TASK ITEM —
Below are some entries; state how many of their lines include the word "linetype" and give no more than that number.

LISTED RECORDS —
──────────────────────────────

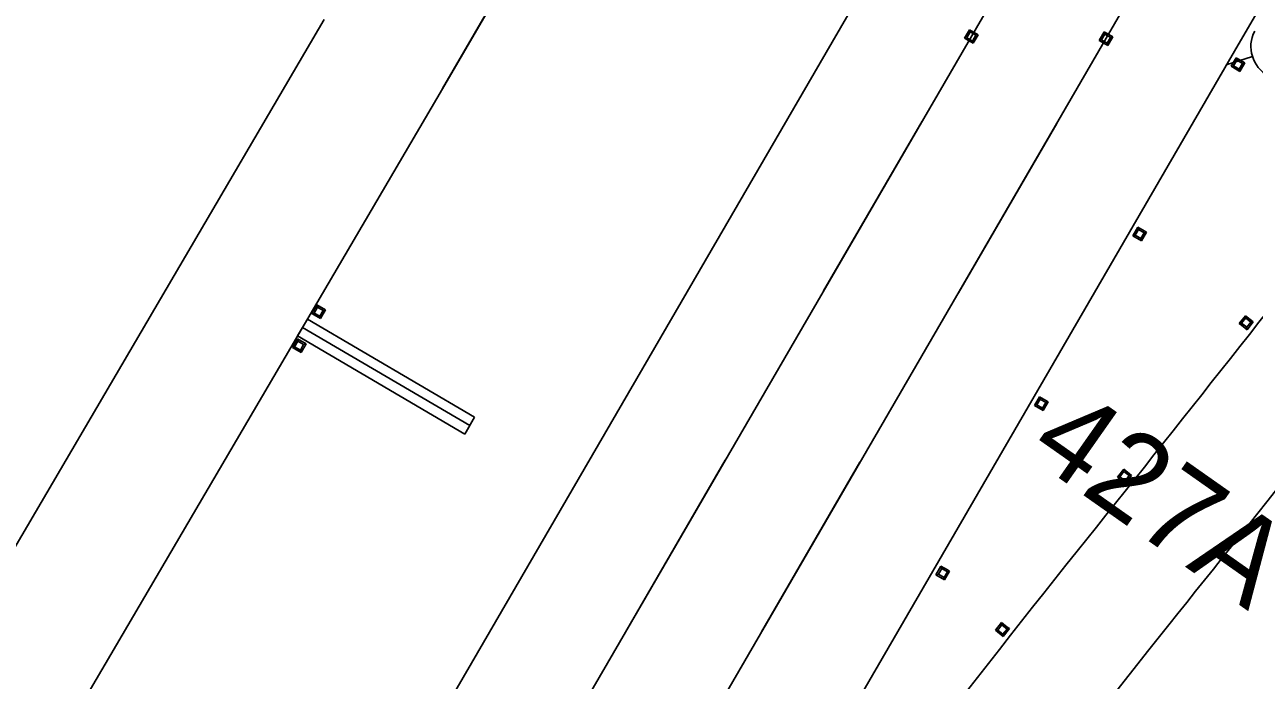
# Model space of a CAD drawing. Extents: x 2471014 to 2497726, y 6959577 to 6980268.
# Drawn here: x 2488611.6 to 2488737.2, y 6964325 to 6964391.9 of the extents above; entities that cross this region are included whole.
import ezdxf

# ---------------------------------------------------------------- set-up
doc = ezdxf.new("R2010")
doc.units = 0
for name, color, linetype in [('13', 7, 'Continuous'), ('18', 7, 'Continuous'), ('23', 7, 'Continuous'), ('25', 7, 'Continuous'), ('5', 7, 'Continuous'), ('G-GRID-MAJR', 7, 'Continuous'), ('Level 30', 7, 'Continuous'), ('PMK_Pav_Mark_Wht_Number', 7, 'Continuous'), ('PMK_Pav_Marker_TY I C', 7, 'Continuous'), ('RDWY_PAVE_XSTREET_FOC', 7, 'Continuous'), ('S-BRDG-DECK', 7, 'Continuous'), ('V7_25', 7, 'Continuous')]:
    doc.layers.add(name, color=color, linetype=linetype)

msp = doc.modelspace()

# ---------------------------------------------------------------- linework, layer by layer
at = {"layer": '13'}
msp.add_line((2488620.75, 6964263.98), (2489501.89, 6965780.24), dxfattribs=at)
at = {"layer": '18'}
for p, q in [((2488735.14, 6964389.16), (2489533.02, 6965762.15)), ((2488654.28, 6964385.36), (2488737.13, 6964527.93)), ((2488581.52, 6964289.01), (2488642.18, 6964392.39)), ((2488593.6, 6964281.93), (2488654.25, 6964385.31))]:
    msp.add_line(p, q, dxfattribs=at)
msp.add_arc((2489916.91, 6963512.7), 1400, 142.23979, 191.359, dxfattribs=at)
at = {"layer": '23'}
for p, q in [((2488707.57, 6964390.48), (2488708.08, 6964391.35)), ((2488707.79, 6964390.54), (2488707.57, 6964390.48)), ((2488707.57, 6964390.48), (2488707.8, 6964390.34)), ((2488708.38, 6964390.2), (2488707.79, 6964390.54)), ((2488707.8, 6964390.34), (2488708.45, 6964389.97)), ((2488708.96, 6964390.84), (2488708.08, 6964391.35)), ((2488708.08, 6964391.35), (2488708.13, 6964391.13)), ((2488708.13, 6964391.13), (2488708.25, 6964391.06)), ((2488708.25, 6964391.06), (2488708.72, 6964390.79)), ((2488708.45, 6964389.97), (2488708.38, 6964390.2)), ((2488708.96, 6964390.84), (2488708.45, 6964389.97)), ((2488708.72, 6964390.79), (2488708.96, 6964390.84)), ((2488721.32, 6964390.26), (2488721.83, 6964391.14)), ((2488721.55, 6964390.33), (2488721.32, 6964390.26)), ((2488721.32, 6964390.26), (2488721.56, 6964390.13)), ((2488722.13, 6964389.99), (2488721.55, 6964390.33)), ((2488721.56, 6964390.13), (2488722.2, 6964389.75)), ((2488722.71, 6964390.63), (2488721.83, 6964391.14)), ((2488721.83, 6964391.14), (2488721.89, 6964390.91)), ((2488721.89, 6964390.91), (2488722.01, 6964390.84)), ((2488722.01, 6964390.84), (2488722.47, 6964390.57)), ((2488722.71, 6964390.63), (2488722.2, 6964389.75)), ((2488722.47, 6964390.57), (2488722.71, 6964390.63)), ((2488722.2, 6964389.75), (2488722.13, 6964389.99)), ((2488734.8, 6964387.62), (2488735.31, 6964388.49)), ((2488735.04, 6964387.67), (2488734.8, 6964387.62)), ((2488734.8, 6964387.62), (2488735.68, 6964387.1)), ((2488735.5, 6964387.4), (2488735.04, 6964387.67)), ((2488735.95, 6964388.12), (2488735.31, 6964388.49)), ((2488735.31, 6964388.49), (2488735.38, 6964388.26)), ((2488735.38, 6964388.26), (2488735.96, 6964387.92)), ((2488736.19, 6964387.98), (2488735.68, 6964387.1)), ((2488736.19, 6964387.98), (2488735.95, 6964388.12)), ((2488735.96, 6964387.92), (2488736.19, 6964387.98)), ((2488735.62, 6964387.33), (2488735.5, 6964387.4)), ((2488735.68, 6964387.1), (2488735.62, 6964387.33)), ((2488724.75, 6964370.32), (2488725.26, 6964371.2)), ((2488724.99, 6964370.38), (2488724.75, 6964370.32)), ((2488724.75, 6964370.32), (2488725.63, 6964369.81)), ((2488725.45, 6964370.11), (2488724.99, 6964370.38)), ((2488725.9, 6964370.83), (2488725.26, 6964371.2)), ((2488725.26, 6964371.2), (2488725.33, 6964370.97)), ((2488725.33, 6964370.97), (2488725.91, 6964370.63)), ((2488725.57, 6964370.04), (2488725.45, 6964370.11)), ((2488725.63, 6964369.81), (2488725.57, 6964370.04)), ((2488726.14, 6964370.69), (2488725.63, 6964369.81)), ((2488726.14, 6964370.69), (2488725.9, 6964370.83)), ((2488725.91, 6964370.63), (2488726.14, 6964370.69)), ((2488735.62, 6964361.38), (2488736.25, 6964362.18)), ((2488735.85, 6964361.42), (2488735.62, 6964361.38)), ((2488735.62, 6964361.38), (2488735.83, 6964361.22)), ((2488736.38, 6964361), (2488735.85, 6964361.42)), ((2488737.04, 6964361.55), (2488736.25, 6964362.18)), ((2488736.25, 6964362.18), (2488736.27, 6964361.95)), ((2488736.27, 6964361.95), (2488736.38, 6964361.86)), ((2488736.38, 6964361.86), (2488736.8, 6964361.53)), ((2488737.04, 6964361.55), (2488736.41, 6964360.75)), ((2488736.8, 6964361.53), (2488737.04, 6964361.55)), ((2488735.83, 6964361.22), (2488736.41, 6964360.75)), ((2488736.41, 6964360.75), (2488736.38, 6964361)), ((2488714.7, 6964353.03), (2488715.21, 6964353.91)), ((2488715.85, 6964353.53), (2488715.21, 6964353.91)), ((2488715.21, 6964353.91), (2488715.28, 6964353.67)), ((2488714.94, 6964353.09), (2488714.7, 6964353.03)), ((2488714.7, 6964353.03), (2488715.58, 6964352.52)), ((2488715.4, 6964352.82), (2488714.94, 6964353.09)), ((2488715.28, 6964353.67), (2488715.87, 6964353.33)), ((2488715.53, 6964352.75), (2488715.4, 6964352.82)), ((2488715.58, 6964352.52), (2488715.53, 6964352.75)), ((2488716.09, 6964353.4), (2488715.58, 6964352.52)), ((2488716.09, 6964353.4), (2488715.85, 6964353.53)), ((2488715.87, 6964353.33), (2488716.09, 6964353.4)), ((2488723.19, 6964345.72), (2488723.82, 6964346.51)), ((2488724.61, 6964345.88), (2488723.82, 6964346.51)), ((2488723.82, 6964346.51), (2488723.84, 6964346.28)), ((2488723.84, 6964346.28), (2488723.95, 6964346.19)), ((2488723.95, 6964346.19), (2488724.37, 6964345.86)), ((2488723.42, 6964345.75), (2488723.19, 6964345.72)), ((2488723.19, 6964345.72), (2488723.4, 6964345.55)), ((2488723.4, 6964345.55), (2488723.98, 6964345.08)), ((2488723.95, 6964345.33), (2488723.42, 6964345.75)), ((2488723.98, 6964345.08), (2488723.95, 6964345.33)), ((2488724.61, 6964345.88), (2488723.98, 6964345.08)), ((2488724.37, 6964345.86), (2488724.61, 6964345.88)), ((2488704.65, 6964335.74), (2488705.16, 6964336.62)), ((2488705.81, 6964336.24), (2488705.16, 6964336.62)), ((2488705.16, 6964336.62), (2488705.23, 6964336.38)), ((2488705.23, 6964336.38), (2488705.82, 6964336.04)), ((2488706.04, 6964336.11), (2488705.81, 6964336.24)), ((2488704.89, 6964335.8), (2488704.65, 6964335.74)), ((2488704.65, 6964335.74), (2488705.53, 6964335.23)), ((2488705.35, 6964335.53), (2488704.89, 6964335.8)), ((2488705.48, 6964335.46), (2488705.35, 6964335.53)), ((2488705.53, 6964335.23), (2488705.48, 6964335.46)), ((2488706.04, 6964336.11), (2488705.53, 6964335.23)), ((2488705.82, 6964336.04), (2488706.04, 6964336.11)), ((2488710.72, 6964330.08), (2488711.34, 6964330.87)), ((2488710.96, 6964330.1), (2488710.72, 6964330.08)), ((2488710.72, 6964330.08), (2488711.51, 6964329.45)), ((2488711.38, 6964329.77), (2488710.96, 6964330.1)), ((2488711.93, 6964330.41), (2488711.34, 6964330.87)), ((2488711.34, 6964330.87), (2488711.38, 6964330.63)), ((2488711.38, 6964330.63), (2488711.91, 6964330.21)), ((2488712.14, 6964330.25), (2488711.51, 6964329.45)), ((2488711.91, 6964330.21), (2488712.14, 6964330.25)), ((2488712.14, 6964330.25), (2488711.93, 6964330.41)), ((2488711.49, 6964329.68), (2488711.38, 6964329.77)), ((2488711.51, 6964329.45), (2488711.49, 6964329.68))]:
    msp.add_line(p, q, dxfattribs=at)
for points in [[(2488707.79, 6964390.54), (2488708.13, 6964391.13), (2488708.72, 6964390.79), (2488708.38, 6964390.2)], [(2488721.55, 6964390.33), (2488721.89, 6964390.91), (2488722.47, 6964390.57), (2488722.13, 6964389.99)], [(2488735.96, 6964387.92), (2488735.62, 6964387.33), (2488735.04, 6964387.67), (2488735.38, 6964388.26)], [(2488725.91, 6964370.63), (2488725.57, 6964370.04), (2488724.99, 6964370.38), (2488725.33, 6964370.97)], [(2488735.85, 6964361.42), (2488736.27, 6964361.95), (2488736.8, 6964361.53), (2488736.38, 6964361)], [(2488715.87, 6964353.33), (2488715.53, 6964352.75), (2488714.94, 6964353.09), (2488715.28, 6964353.67)], [(2488723.42, 6964345.75), (2488723.84, 6964346.28), (2488724.37, 6964345.86), (2488723.95, 6964345.33)], [(2488705.82, 6964336.04), (2488705.48, 6964335.46), (2488704.89, 6964335.8), (2488705.23, 6964336.38)], [(2488711.91, 6964330.21), (2488711.49, 6964329.68), (2488710.96, 6964330.1), (2488711.38, 6964330.63)]]:
    msp.add_lwpolyline(points, close=True, dxfattribs=at)
at = {"layer": '25'}
msp.add_line((2488650.61, 6964243.7), (2488735.14, 6964389.16), dxfattribs=at)
for centre, radius, start, end in [((2489916.91, 6963512.7), 1414, 142.23979, 154.2029), ((2485597.1, 6966838.82), 4000, 321.30547, 322.02534), ((2489663.45, 6963581.69), 1210, 141.30547, 146.83097)]:
    msp.add_arc(centre, radius, start, end, dxfattribs=at)
at = {"layer": '5'}
for centre, radius, start, end in [((2485597.1, 6966838.82), 4012, 321.30547, 321.97116), ((2489663.45, 6963581.69), 1198, 141.30547, 161.17883)]:
    msp.add_arc(centre, radius, start, end, dxfattribs=at)
at = {"layer": 'G-GRID-MAJR'}
for p, q in [((2488640.48, 6964361.83), (2488639.47, 6964360.11)), ((2488657.54, 6964351.82), (2488640.48, 6964361.83)), ((2488639.47, 6964360.11), (2488656.53, 6964350.09)), ((2488656.53, 6964350.09), (2488657.54, 6964351.82))]:
    msp.add_line(p, q, dxfattribs=at)
at = {"layer": 'Level 30'}
msp.add_line((2488736.95, 6964388.63), (2488734.27, 6964387.77), dxfattribs=at)
msp.add_arc((2488740.17, 6964389.63), 3.37, 152.0959, 332.0959, dxfattribs=at)
at = {"layer": 'PMK_Pav_Marker_TY I C'}
for p, q in [((2488640.94, 6964362.39), (2488641.45, 6964363.27)), ((2488642.32, 6964362.76), (2488641.45, 6964363.27)), ((2488641.45, 6964363.27), (2488641.5, 6964363.04)), ((2488641.5, 6964363.04), (2488641.62, 6964362.97)), ((2488641.62, 6964362.97), (2488642.09, 6964362.7)), ((2488642.32, 6964362.76), (2488641.82, 6964361.88)), ((2488642.09, 6964362.7), (2488642.32, 6964362.76)), ((2488641.16, 6964362.45), (2488640.94, 6964362.39)), ((2488640.94, 6964362.39), (2488641.17, 6964362.26)), ((2488641.75, 6964362.12), (2488641.16, 6964362.45)), ((2488641.17, 6964362.26), (2488641.82, 6964361.88)), ((2488641.82, 6964361.88), (2488641.75, 6964362.12)), ((2488638.94, 6964358.92), (2488639.45, 6964359.8)), ((2488639.17, 6964358.99), (2488638.94, 6964358.92)), ((2488638.94, 6964358.92), (2488639.18, 6964358.79)), ((2488639.75, 6964358.65), (2488639.17, 6964358.99)), ((2488639.18, 6964358.79), (2488639.82, 6964358.42)), ((2488640.33, 6964359.3), (2488639.45, 6964359.8)), ((2488639.45, 6964359.8), (2488639.5, 6964359.58)), ((2488639.5, 6964359.58), (2488639.63, 6964359.5)), ((2488639.63, 6964359.5), (2488640.09, 6964359.24)), ((2488640.33, 6964359.3), (2488639.82, 6964358.42)), ((2488640.09, 6964359.24), (2488640.33, 6964359.3)), ((2488639.82, 6964358.42), (2488639.75, 6964358.65))]:
    msp.add_line(p, q, dxfattribs=at)
for points in [[(2488641.16, 6964362.45), (2488641.5, 6964363.04), (2488642.09, 6964362.7), (2488641.75, 6964362.12)], [(2488639.17, 6964358.99), (2488639.5, 6964359.58), (2488640.09, 6964359.24), (2488639.75, 6964358.65)]]:
    msp.add_lwpolyline(points, close=True, dxfattribs=at)
at = {"layer": 'RDWY_PAVE_XSTREET_FOC'}
for p, q in [((2488693.18, 6964364.73), (2488703.23, 6964382.02)), ((2488706.94, 6964364.51), (2488716.98, 6964381.8)), ((2488673.08, 6964330.14), (2488683.13, 6964347.43)), ((2488686.84, 6964329.93), (2488696.89, 6964347.22))]:
    msp.add_line(p, q, dxfattribs=at)
at = {"layer": 'S-BRDG-DECK'}
for p, q in [((2488654.27, 6964385.33), (2488737.13, 6964527.93)), ((2488597.93, 6964289.32), (2488654.27, 6964385.33)), ((2488657.04, 6964350.96), (2488639.97, 6964360.97))]:
    msp.add_line(p, q, dxfattribs=at)
at = {"layer": 'V7_25'}
for p, q in [((2488631.13, 6964257.95), (2489512.27, 6965774.21)), ((2488641.5, 6964251.92), (2489522.64, 6965768.18))]:
    msp.add_line(p, q, dxfattribs=at)

# ---------------------------------------------------------------- texts
at = {"layer": 'PMK_Pav_Mark_Wht_Number'}
msp.add_text('427A', height=8.9, rotation=324.8945, dxfattribs=at).set_placement((2488713.81, 6964348))

doc.saveas('drawing.dxf')

──────────────────────────────

EXERCISE ANSWER —
2